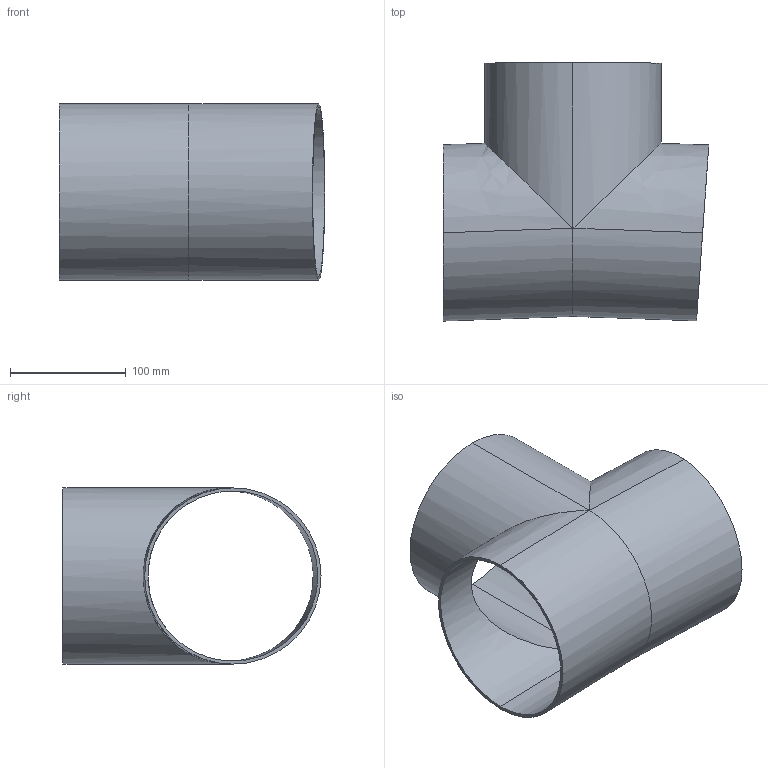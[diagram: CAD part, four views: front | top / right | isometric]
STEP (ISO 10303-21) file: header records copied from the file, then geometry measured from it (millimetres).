
FILE_DESCRIPTION (( 'STEP AP214' ), '1' );
FILE_NAME ('TA176WWW 6.0.STEP', '2025-07-30T12:39:00', ( '' ), ( '' ), 'SwSTEP 2.0', 'SolidWorks 2022', '' );
FILE_SCHEMA (( 'AUTOMOTIVE_DESIGN' ));
Length unit declared in the file: inch
Products named in the file (1): TA176WWW 6.0
Bounding box: 229.51 x 222.99 x 152.4 mm (x, y, z)
Volume: 356115.5 mm3; surface area: 261036 mm2
Topology: 1 solids, 1 shells, 15 faces, 30 edges, 16 vertices
Faces by surface type: bspline 8, cylinder 4, plane 3
Entity records: 2596 total; most frequent: CARTESIAN_POINT 2298, ORIENTED_EDGE 60, DIRECTION 36, EDGE_CURVE 30, B_SPLINE_CURVE_WITH_KNOTS 18, EDGE_LOOP 18, AXIS2_PLACEMENT_3D 16, VERTEX_POINT 16
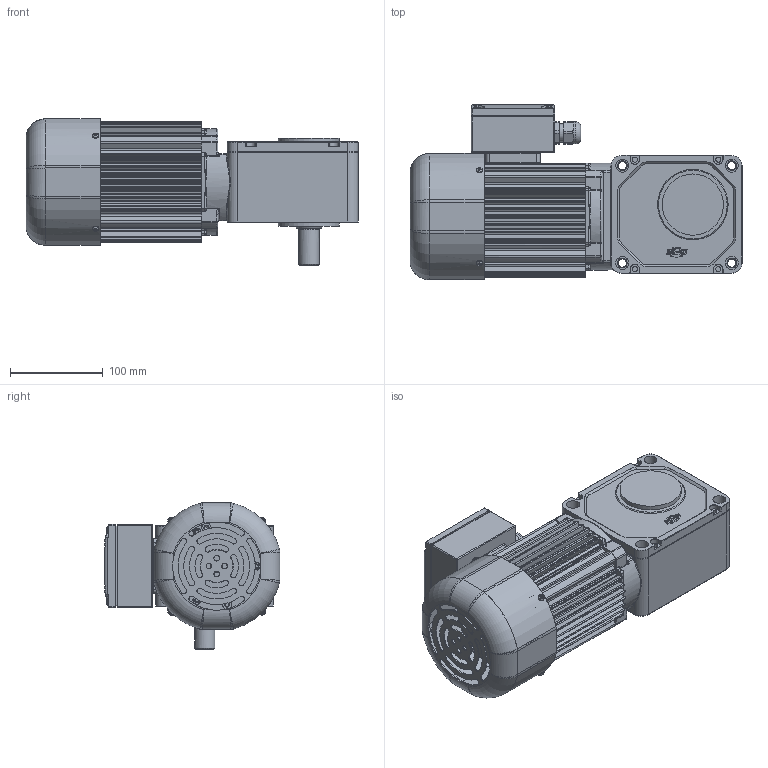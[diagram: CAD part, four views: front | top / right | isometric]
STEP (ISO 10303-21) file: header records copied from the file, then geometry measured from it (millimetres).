
FILE_DESCRIPTION(/* description */ (''),/* implementation_level */ '2;1');
FILE_NAME(/* name */ 'Z:\동력 3D 파일\PCS22R_0.2kW_Brake_3D.stp',/* time_stamp */ '2021-11-09T10:43:33+09:00',/* author */ ('jaebok'),/* organization */ (''),/* preprocessor_version */ 'ST-DEVELOPER v18.1',/* originating_system */ 'Autodesk Inventor 2022',/* authorisation */ '');
FILE_SCHEMA (('AUTOMOTIVE_DESIGN { 1 0 10303 214 3 1 1 }'));
Products named in the file (1): 부품40
Bounding box: 358 x 189.7 x 157.7 mm (x, y, z)
Volume: 1834679.1 mm3; surface area: 549370.7 mm2
Topology: 2 solids, 26 shells, 2155 faces, 5487 edges, 3460 vertices
Faces by surface type: plane 989, cylinder 815, torus 115, bspline 113, cone 111, sphere 12
Full cylindrical faces by diameter (mm): 1.5 x2, 2 x5, 3 x4, 3.242 x4, 3.25 x1, 3.3 x8, 3.6 x4, 3.8 x3, 4 x20, 4.2 x9, 5 x18, 5.5 x4, 5.8 x2, 5.9 x3, 6 x17, 6.4 x1, 6.5 x6, 6.647 x1, 7 x12, 7.9 x6, 8 x4, 8.5 x1, 8.7 x1, 9 x4, 10 x1, 12.5 x1, 14 x8, 15 x1, 16 x1, 20 x2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
Entity records: 73574 total; most frequent: CARTESIAN_POINT 19077, DIRECTION 11340, ORIENTED_EDGE 10850, EDGE_CURVE 5425, AXIS2_PLACEMENT_3D 4280, VERTEX_POINT 3453, LINE 2780, VECTOR 2780
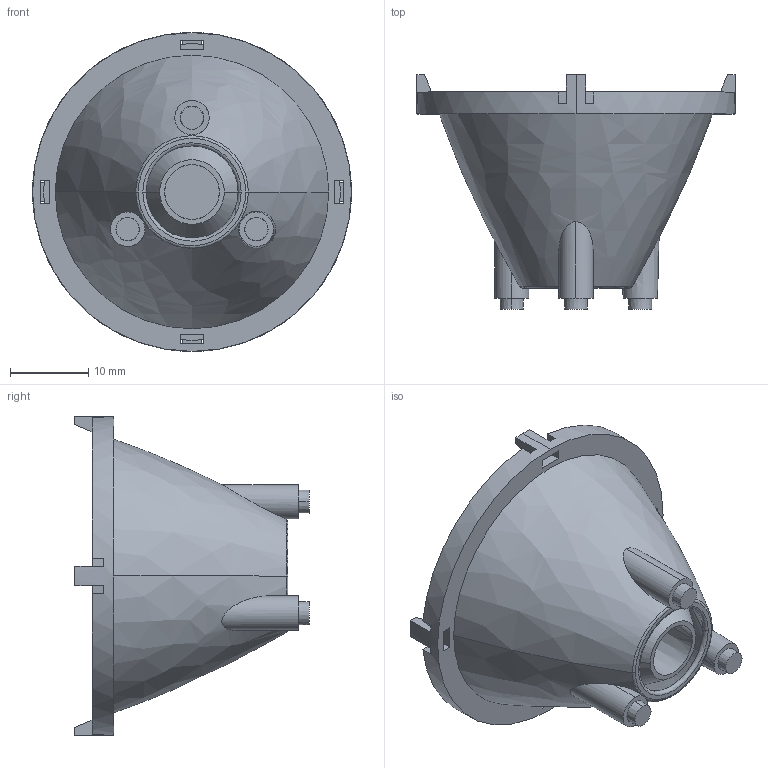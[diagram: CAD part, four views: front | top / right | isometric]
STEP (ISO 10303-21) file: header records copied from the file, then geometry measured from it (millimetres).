
FILE_DESCRIPTION (( 'STEP AP214' ), '1' );
FILE_NAME ('Color-Mix(1)-Lens-LensH-Apps_RevA.STEP', '2011-01-10T23:18:37', ( ' ' ), ( ' ' ), 'SwSTEP 2.0', 'SolidWorks 2009', '' );
FILE_SCHEMA (( 'AUTOMOTIVE_DESIGN' ));
Length unit declared in the file: millimetre
Products named in the file (3): 2400-0028-a_cpy; 2400-0010_RevC_cpy_Distorted; Color-Mix(1)-Lens-LensH-Apps_RevA
Assembly tree (2 placements, depth 2):
  Color-Mix(1)-Lens-LensH-Apps_RevA
    2400-0028-a_cpy
    2400-0010_RevC_cpy_Distorted
Bounding box: 40.8 x 29.99 x 40.8 mm (x, y, z)
Volume: 14341 mm3; surface area: 9581.3 mm2
Topology: 2 solids, 2 shells, 93 faces, 248 edges, 164 vertices
Faces by surface type: plane 61, cone 16, torus 6, cylinder 6, bspline 4
Entity records: 3422 total; most frequent: CARTESIAN_POINT 942, DIRECTION 498, ORIENTED_EDGE 496, EDGE_CURVE 248, AXIS2_PLACEMENT_3D 170, VERTEX_POINT 164, VECTOR 158, LINE 158
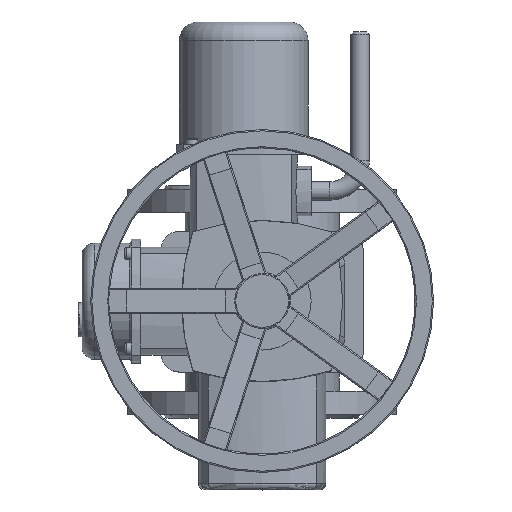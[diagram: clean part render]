
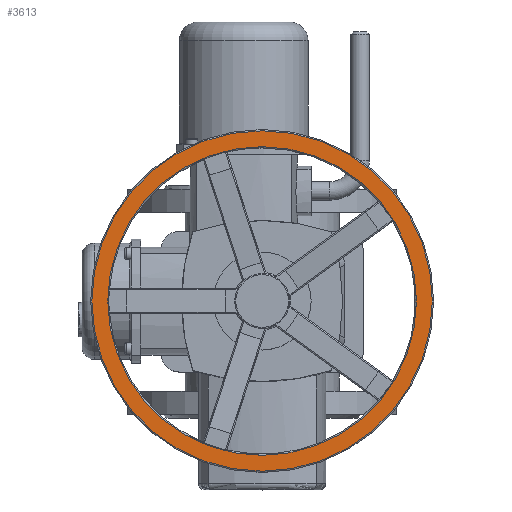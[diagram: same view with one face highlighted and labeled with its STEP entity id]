
A CAD part, top view. The second image highlights one B-rep face of the part: STEP entity #3613.
In plain terms, the highlighted planar face has unit normal (0, 0, 1).
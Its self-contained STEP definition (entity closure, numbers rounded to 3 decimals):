
#3613=ADVANCED_FACE('',(#7894,#7896),#7898,.F.);
#7894=FACE_BOUND('',#7895,.T.);
#7895=EDGE_LOOP('',(#9776));
#7896=FACE_BOUND('',#7897,.T.);
#7897=EDGE_LOOP('',(#9777));
#7898=PLANE('',#7899);
#7899=AXIS2_PLACEMENT_3D('',#7900,#7901,#7902);
#7900=CARTESIAN_POINT('',(0.,0.,435.));
#7901=DIRECTION('',(0.,0.,-1.));
#7902=DIRECTION('',(0.,1.,0.));
#9776=ORIENTED_EDGE('',*,*,#10704,.F.);
#9777=ORIENTED_EDGE('',*,*,#10679,.T.);
#10679=EDGE_CURVE('',#12198,#12198,#12199,.T.);
#10704=EDGE_CURVE('',#12226,#12226,#12227,.T.);
#12198=VERTEX_POINT('',#19862);
#12199=CIRCLE('',#19863,126.);
#12226=VERTEX_POINT('',#20273);
#12227=CIRCLE('',#20274,139.);
#19862=CARTESIAN_POINT('',(0.,126.,435.));
#19863=AXIS2_PLACEMENT_3D('',#19864,#19865,#19866);
#19864=CARTESIAN_POINT('',(0.,0.,435.));
#19865=DIRECTION('',(0.,0.,-1.));
#19866=DIRECTION('',(0.,1.,0.));
#20273=CARTESIAN_POINT('',(0.,139.,435.));
#20274=AXIS2_PLACEMENT_3D('',#20275,#20276,#20277);
#20275=CARTESIAN_POINT('',(0.,0.,435.));
#20276=DIRECTION('',(0.,0.,-1.));
#20277=DIRECTION('',(0.,1.,0.));

^^^^^^^^

- DESCRIPTION OF THE TASK:
When you copy the records above, keep every word exact and drop the pictures.

- PROBLEM SOLUTION:
[diagram: CAD part, four views: front | top / right | isometric]
STEP (ISO 10303-21) file: header records copied from the file, then geometry measured from it (millimetres).
FILE_DESCRIPTION (( 'STEP AP214' ), '1' );
FILE_NAME ('TA176WWW 6.0.STEP', '2025-07-30T12:39:00', ( '' ), ( '' ), 'SwSTEP 2.0', 'SolidWorks 2022', '' );
FILE_SCHEMA (( 'AUTOMOTIVE_DESIGN' ));
Length unit declared in the file: inch
Products named in the file (1): TA176WWW 6.0
Bounding box: 229.51 x 222.99 x 152.4 mm (x, y, z)
Volume: 356115.5 mm3; surface area: 261036 mm2
Topology: 1 solids, 1 shells, 15 faces, 30 edges, 16 vertices
Faces by surface type: bspline 8, cylinder 4, plane 3
Entity records: 2596 total; most frequent: CARTESIAN_POINT 2298, ORIENTED_EDGE 60, DIRECTION 36, EDGE_CURVE 30, B_SPLINE_CURVE_WITH_KNOTS 18, EDGE_LOOP 18, AXIS2_PLACEMENT_3D 16, VERTEX_POINT 16
[diagram: CAD part, four views: front | top / right | isometric]
STEP (ISO 10303-21) file: header records copied from the file, then geometry measured from it (millimetres).
FILE_DESCRIPTION(/* description */ (''),/* implementation_level */ '2;1');
FILE_NAME(/* name */ 'Z:\동력 3D 파일\PCS22R_0.2kW_Brake_3D.stp',/* time_stamp */ '2021-11-09T10:43:33+09:00',/* author */ ('jaebok'),/* organization */ (''),/* preprocessor_version */ 'ST-DEVELOPER v18.1',/* originating_system */ 'Autodesk Inventor 2022',/* authorisation */ '');
FILE_SCHEMA (('AUTOMOTIVE_DESIGN { 1 0 10303 214 3 1 1 }'));
Products named in the file (1): 부품40
Bounding box: 358 x 189.7 x 157.7 mm (x, y, z)
Volume: 1834679.1 mm3; surface area: 549370.7 mm2
Topology: 2 solids, 26 shells, 2155 faces, 5487 edges, 3460 vertices
Faces by surface type: plane 989, cylinder 815, torus 115, bspline 113, cone 111, sphere 12
Full cylindrical faces by diameter (mm): 1.5 x2, 2 x5, 3 x4, 3.242 x4, 3.25 x1, 3.3 x8, 3.6 x4, 3.8 x3, 4 x20, 4.2 x9, 5 x18, 5.5 x4, 5.8 x2, 5.9 x3, 6 x17, 6.4 x1, 6.5 x6, 6.647 x1, 7 x12, 7.9 x6, 8 x4, 8.5 x1, 8.7 x1, 9 x4, 10 x1, 12.5 x1, 14 x8, 15 x1, 16 x1, 20 x2
Entity records: 73574 total; most frequent: CARTESIAN_POINT 19077, DIRECTION 11340, ORIENTED_EDGE 10850, EDGE_CURVE 5425, AXIS2_PLACEMENT_3D 4280, VERTEX_POINT 3453, LINE 2780, VECTOR 2780
[diagram: CAD part, four views: front | top / right | isometric]
STEP (ISO 10303-21) file: header records copied from the file, then geometry measured from it (millimetres).
FILE_DESCRIPTION (( 'STEP AP214' ), '1' );
FILE_NAME ('Color-Mix(1)-Lens-LensH-Apps_RevA.STEP', '2011-01-10T23:18:37', ( ' ' ), ( ' ' ), 'SwSTEP 2.0', 'SolidWorks 2009', '' );
FILE_SCHEMA (( 'AUTOMOTIVE_DESIGN' ));
Length unit declared in the file: millimetre
Products named in the file (3): 2400-0028-a_cpy; 2400-0010_RevC_cpy_Distorted; Color-Mix(1)-Lens-LensH-Apps_RevA
Assembly tree (2 placements, depth 2):
  Color-Mix(1)-Lens-LensH-Apps_RevA
    2400-0028-a_cpy
    2400-0010_RevC_cpy_Distorted
Bounding box: 40.8 x 29.99 x 40.8 mm (x, y, z)
Volume: 14341 mm3; surface area: 9581.3 mm2
Topology: 2 solids, 2 shells, 93 faces, 248 edges, 164 vertices
Faces by surface type: plane 61, cone 16, torus 6, cylinder 6, bspline 4
Entity records: 3422 total; most frequent: CARTESIAN_POINT 942, DIRECTION 498, ORIENTED_EDGE 496, EDGE_CURVE 248, AXIS2_PLACEMENT_3D 170, VERTEX_POINT 164, VECTOR 158, LINE 158
[diagram: clean part render]
[diagram: same view with one face highlighted and labeled with its STEP entity id]
A CAD part, top view. The second image highlights one B-rep face of the part: STEP entity #3613.
In plain terms, the highlighted planar face has unit normal (0, 0, 1).
Its self-contained STEP definition (entity closure, numbers rounded to 3 decimals):
#3613=ADVANCED_FACE('',(#7894,#7896),#7898,.F.);
#7894=FACE_BOUND('',#7895,.T.);
#7895=EDGE_LOOP('',(#9776));
#7896=FACE_BOUND('',#7897,.T.);
#7897=EDGE_LOOP('',(#9777));
#7898=PLANE('',#7899);
#7899=AXIS2_PLACEMENT_3D('',#7900,#7901,#7902);
#7900=CARTESIAN_POINT('',(0.,0.,435.));
#7901=DIRECTION('',(0.,0.,-1.));
#7902=DIRECTION('',(0.,1.,0.));
#9776=ORIENTED_EDGE('',*,*,#10704,.F.);
#9777=ORIENTED_EDGE('',*,*,#10679,.T.);
#10679=EDGE_CURVE('',#12198,#12198,#12199,.T.);
#10704=EDGE_CURVE('',#12226,#12226,#12227,.T.);
#12198=VERTEX_POINT('',#19862);
#12199=CIRCLE('',#19863,126.);
#12226=VERTEX_POINT('',#20273);
#12227=CIRCLE('',#20274,139.);
#19862=CARTESIAN_POINT('',(0.,126.,435.));
#19863=AXIS2_PLACEMENT_3D('',#19864,#19865,#19866);
#19864=CARTESIAN_POINT('',(0.,0.,435.));
#19865=DIRECTION('',(0.,0.,-1.));
#19866=DIRECTION('',(0.,1.,0.));
#20273=CARTESIAN_POINT('',(0.,139.,435.));
#20274=AXIS2_PLACEMENT_3D('',#20275,#20276,#20277);
#20275=CARTESIAN_POINT('',(0.,0.,435.));
#20276=DIRECTION('',(0.,0.,-1.));
#20277=DIRECTION('',(0.,1.,0.));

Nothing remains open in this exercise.